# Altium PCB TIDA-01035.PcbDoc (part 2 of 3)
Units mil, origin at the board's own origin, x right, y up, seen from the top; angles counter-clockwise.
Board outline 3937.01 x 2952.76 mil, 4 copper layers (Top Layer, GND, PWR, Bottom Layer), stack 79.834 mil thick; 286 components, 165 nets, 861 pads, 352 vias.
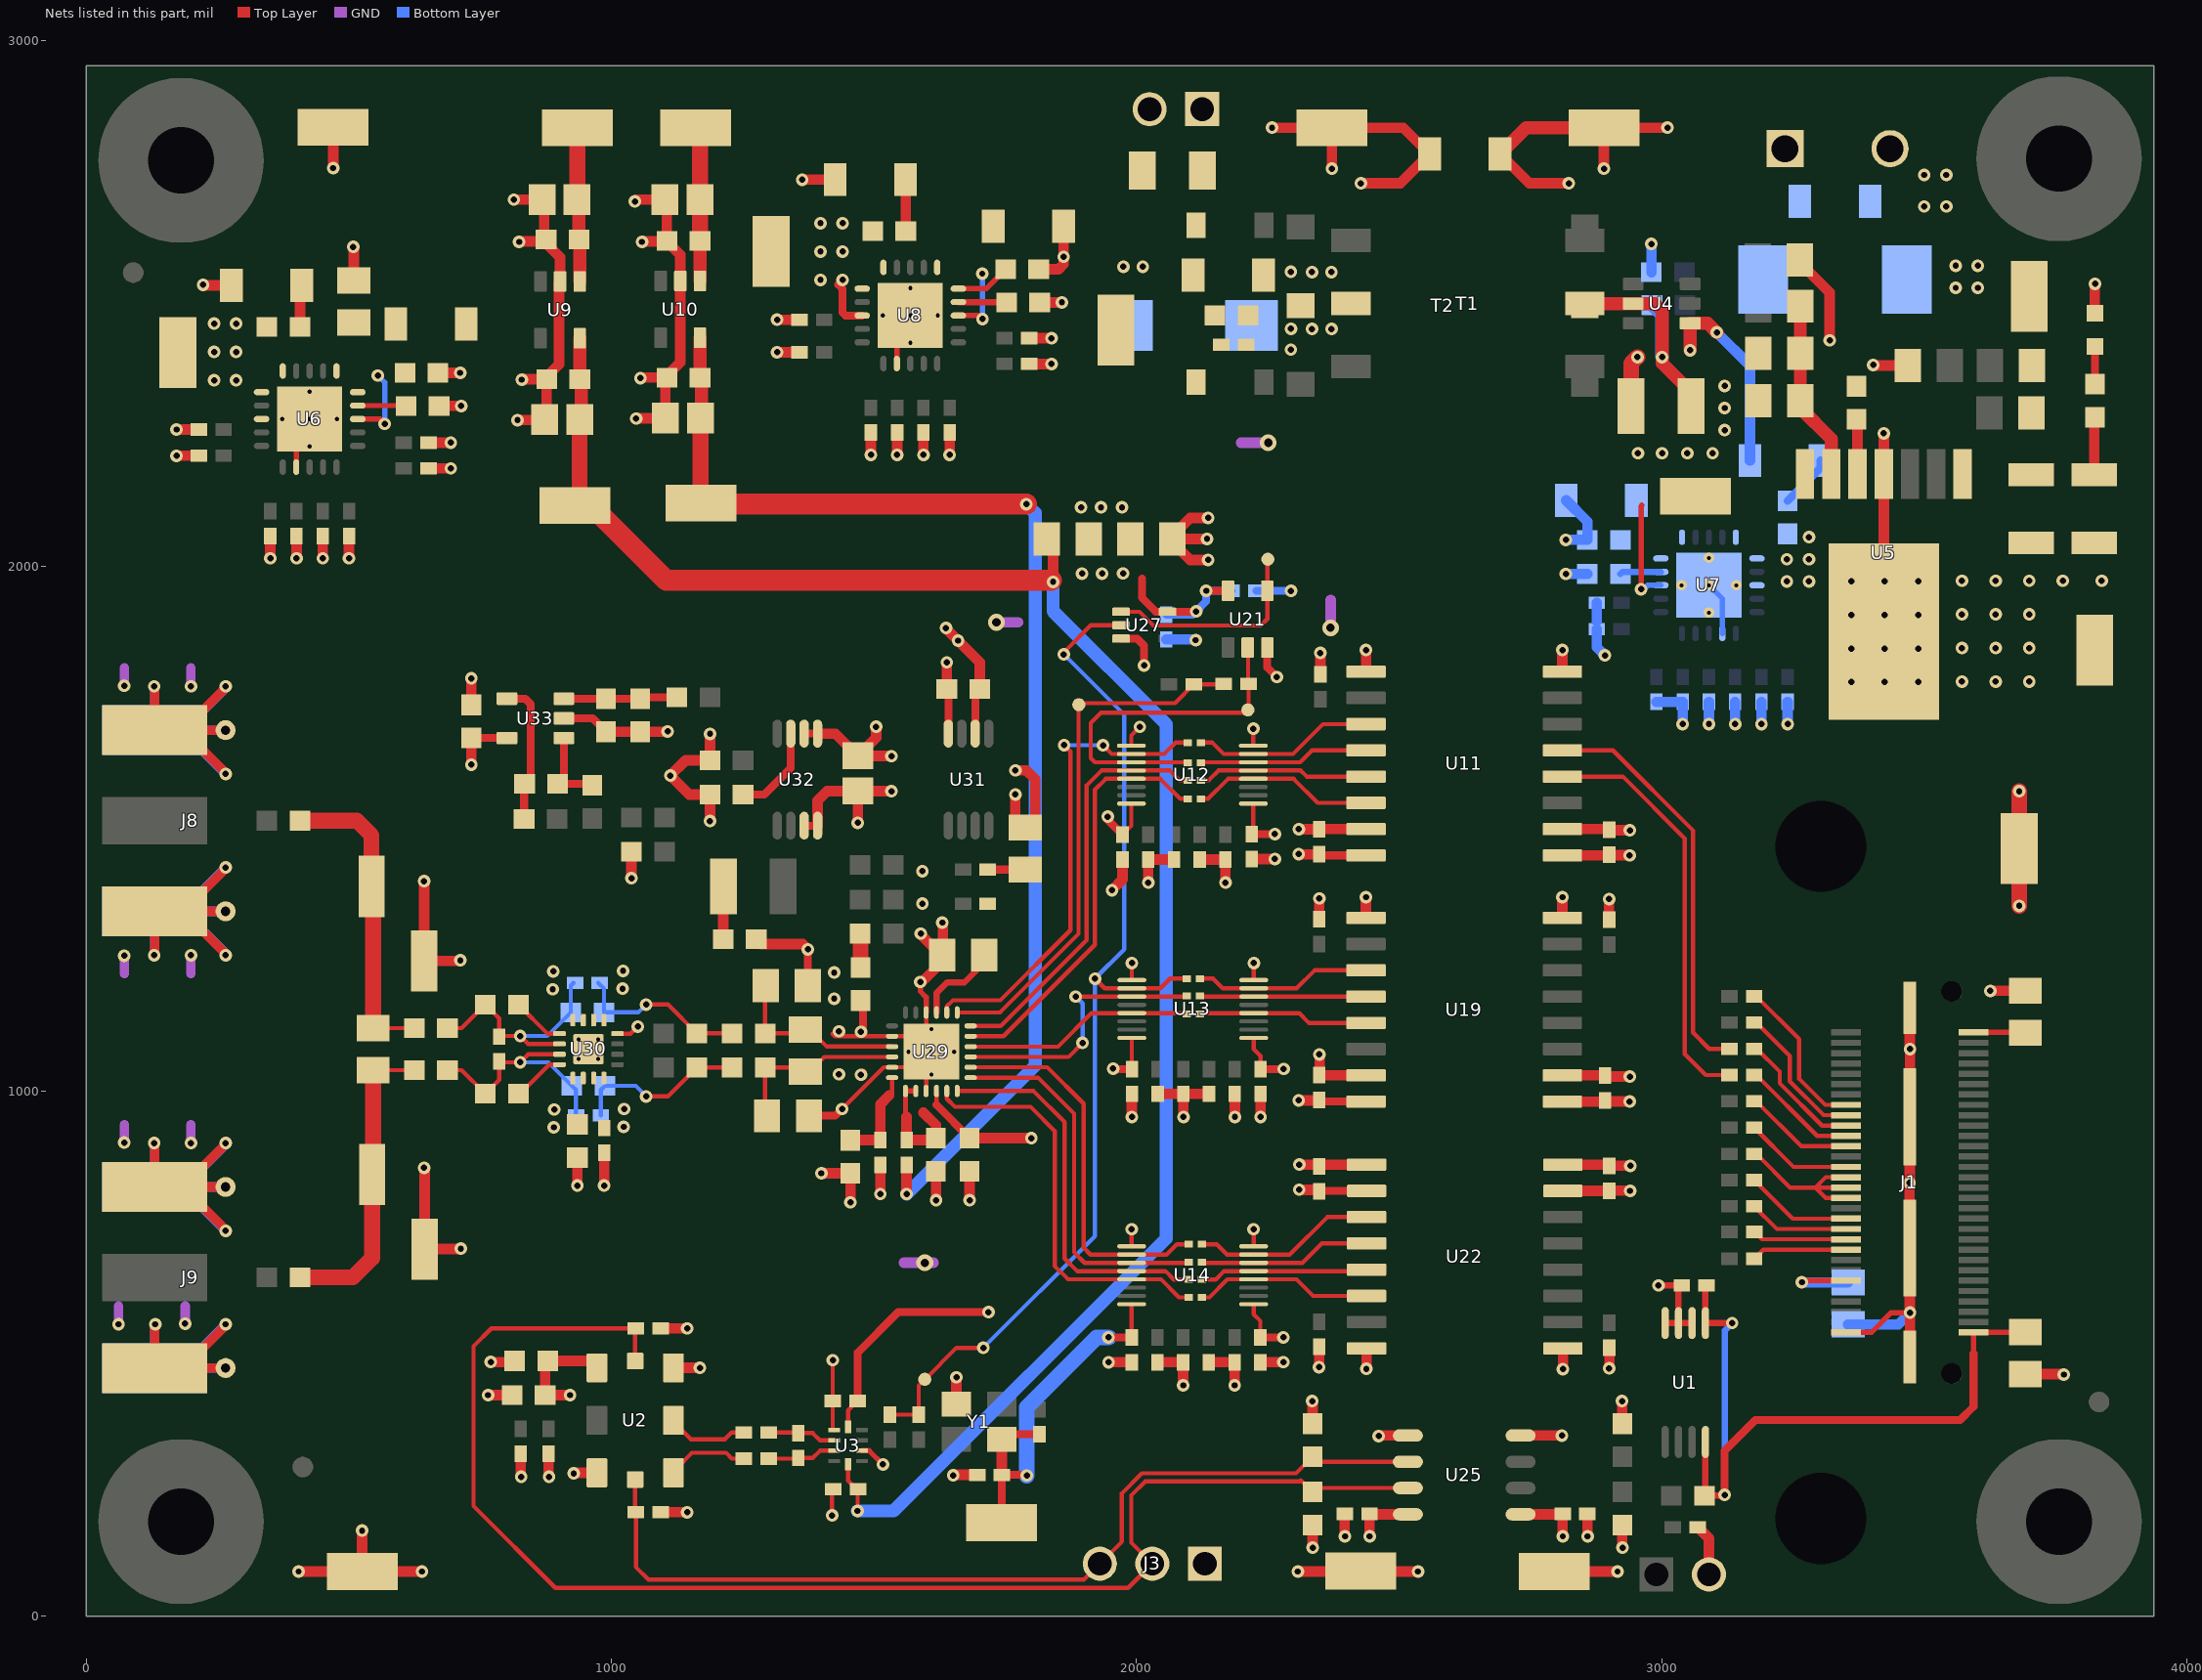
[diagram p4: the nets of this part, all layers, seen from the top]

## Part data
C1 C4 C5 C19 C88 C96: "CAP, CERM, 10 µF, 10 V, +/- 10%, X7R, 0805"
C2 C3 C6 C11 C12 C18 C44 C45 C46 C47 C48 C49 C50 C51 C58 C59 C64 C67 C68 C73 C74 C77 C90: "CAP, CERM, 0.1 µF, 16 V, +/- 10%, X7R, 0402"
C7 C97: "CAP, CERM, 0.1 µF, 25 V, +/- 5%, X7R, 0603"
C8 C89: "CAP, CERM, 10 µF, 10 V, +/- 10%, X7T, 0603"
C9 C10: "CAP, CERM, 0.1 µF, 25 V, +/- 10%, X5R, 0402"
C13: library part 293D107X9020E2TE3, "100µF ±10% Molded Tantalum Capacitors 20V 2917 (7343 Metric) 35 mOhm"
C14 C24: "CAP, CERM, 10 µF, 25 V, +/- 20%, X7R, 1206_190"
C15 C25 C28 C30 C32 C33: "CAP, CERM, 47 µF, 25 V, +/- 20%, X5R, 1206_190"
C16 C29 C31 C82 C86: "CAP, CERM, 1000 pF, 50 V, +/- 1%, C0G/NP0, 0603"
---------------
_What this task involves_
Transcribe the material as is, with images omitted.

_Solved exercise_
# Altium PCB TIDA-01035.PcbDoc (part 2 of 3)
Units mil, origin at the board's own origin, x right, y up, seen from the top; angles counter-clockwise.
Board outline 3937.01 x 2952.76 mil, 4 copper layers (Top Layer, GND, PWR, Bottom Layer), stack 79.834 mil thick; 286 components, 165 nets, 861 pads, 352 vias.
[diagram p4: the nets of this part, all layers, seen from the top]

## Part data
C1 C4 C5 C19 C88 C96: "CAP, CERM, 10 µF, 10 V, +/- 10%, X7R, 0805"
C2 C3 C6 C11 C12 C18 C44 C45 C46 C47 C48 C49 C50 C51 C58 C59 C64 C67 C68 C73 C74 C77 C90: "CAP, CERM, 0.1 µF, 16 V, +/- 10%, X7R, 0402"
C7 C97: "CAP, CERM, 0.1 µF, 25 V, +/- 5%, X7R, 0603"
C8 C89: "CAP, CERM, 10 µF, 10 V, +/- 10%, X7T, 0603"
C9 C10: "CAP, CERM, 0.1 µF, 25 V, +/- 10%, X5R, 0402"
C13: library part 293D107X9020E2TE3, "100µF ±10% Molded Tantalum Capacitors 20V 2917 (7343 Metric) 35 mOhm"
C14 C24: "CAP, CERM, 10 µF, 25 V, +/- 20%, X7R, 1206_190"
C15 C25 C28 C30 C32 C33: "CAP, CERM, 47 µF, 25 V, +/- 20%, X5R, 1206_190"
C16 C29 C31 C82 C86: "CAP, CERM, 1000 pF, 50 V, +/- 1%, C0G/NP0, 0603"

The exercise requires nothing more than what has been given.